Ao mesmo tempo que a transferência de recursos aumenta, cai o investimento na rede pública em razão da entrada em vigor da Emenda Constitucional 95, que limita o crescimento dos gastos públicos à inflação, congelando assim no patamar que estavam quando a legislação foi aprovada. Rolim destaca que a EC teve um efeito ainda mais nocivo para as universidades públicas do que o previsto porque, para a educação, passou a vigorar sobre os patamares de 2018, quando houve um corte em relação ao ano anterior. “Se a gente fosse congelado no patamar de 2014, era uma realidade. Nós fomos congelados num patamar que é mais de 20% abaixo daquele de 2014. Ou seja, no mesmo momento que tu tem um congelamento dos investimentos em educação pelos próximos 20 anos, nós temos um aumento brutal do FIES que faz com que hoje o valor que se passa para para o programa seja maior do que a folha de pagamento das universidades e dos institutos federais. Se a gente pensar, dava para tirar o dinheiro de lá e colocar aqui, dava, porque isso aconteceu, mas ao contrário”.
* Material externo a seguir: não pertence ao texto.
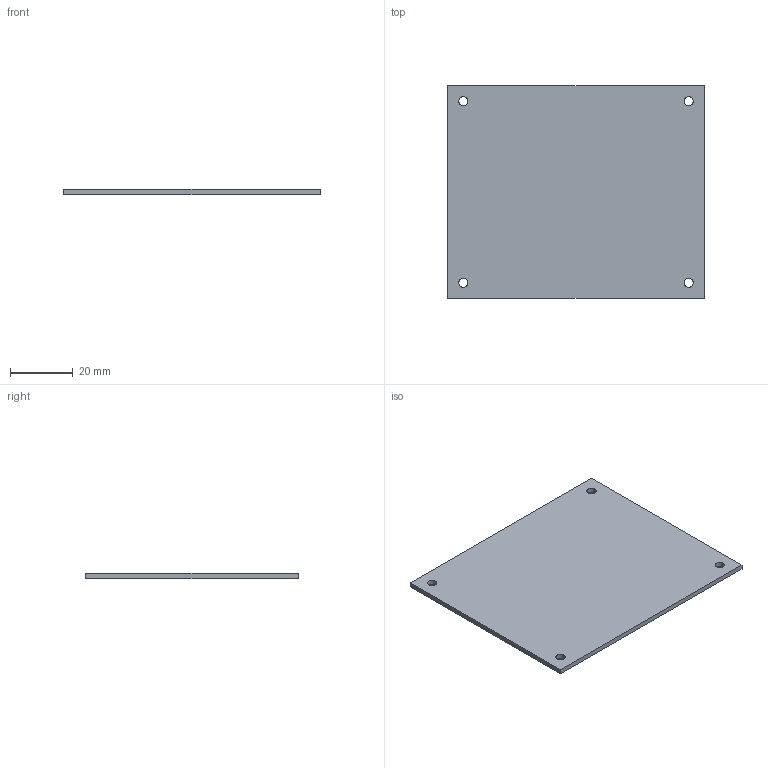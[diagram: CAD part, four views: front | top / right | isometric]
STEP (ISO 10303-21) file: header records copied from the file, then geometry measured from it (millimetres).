
FILE_DESCRIPTION(('Open CASCADE Model'),'2;1');
FILE_NAME('Open CASCADE Shape Model','2026-10-27T12:51:52',('Author'),( 'Open CASCADE'),'Open CASCADE STEP processor 7.8','Open CASCADE 7.8' ,'Unknown');
FILE_SCHEMA(('AUTOMOTIVE_DESIGN { 1 0 10303 214 1 1 1 1 }'));
Length unit declared in the file: millimetre
Products named in the file (1): Open CASCADE STEP translator 7.8 2
Bounding box: 82 x 68 x 1.6 mm (x, y, z)
Volume: 8879.3 mm3; surface area: 11637.5 mm2
Topology: 1 solids, 1 shells, 10 faces, 24 edges, 16 vertices
Faces by surface type: plane 6, cylinder 4
Full cylindrical faces by diameter (mm): 2.9 x4
Entity records: 658 total; most frequent: CARTESIAN_POINT 147, DIRECTION 94, LINE 56, VECTOR 56, ORIENTED_EDGE 48, PCURVE 48, DEFINITIONAL_REPRESENTATION 48, EDGE_CURVE 24

Em 2014, os repasses para a educação representavam 6,4% do PIB. Com o congelamento, no entanto, a previsão é que caiam para 5% em 2023 — quando deveria alcançar os 10% previstos no PNE –, e a perspectiva é que, ao final dos 20 anos em que o Teto dos Gastos irá vigorar, cai para a casa dos 4,5%, 4% do PIB, patamares da década de 90. “Com o sistema que foi ampliado largamente nos últimos dez anos, obviamente vai faltar dinheiro. Qual vai ser a solução? Ou buscar dinheiro em outro lugar ou privatizar. Não tem mágica. Vai asfixiar o sistema”, diz.
Diante do corte dos gastos e do avanço dos grandes grupos internacionais, Rolim avalia que as ameaças de desconstituição e privatização do sistema público são “absolutamente reais e presentes”. “Para ontem”.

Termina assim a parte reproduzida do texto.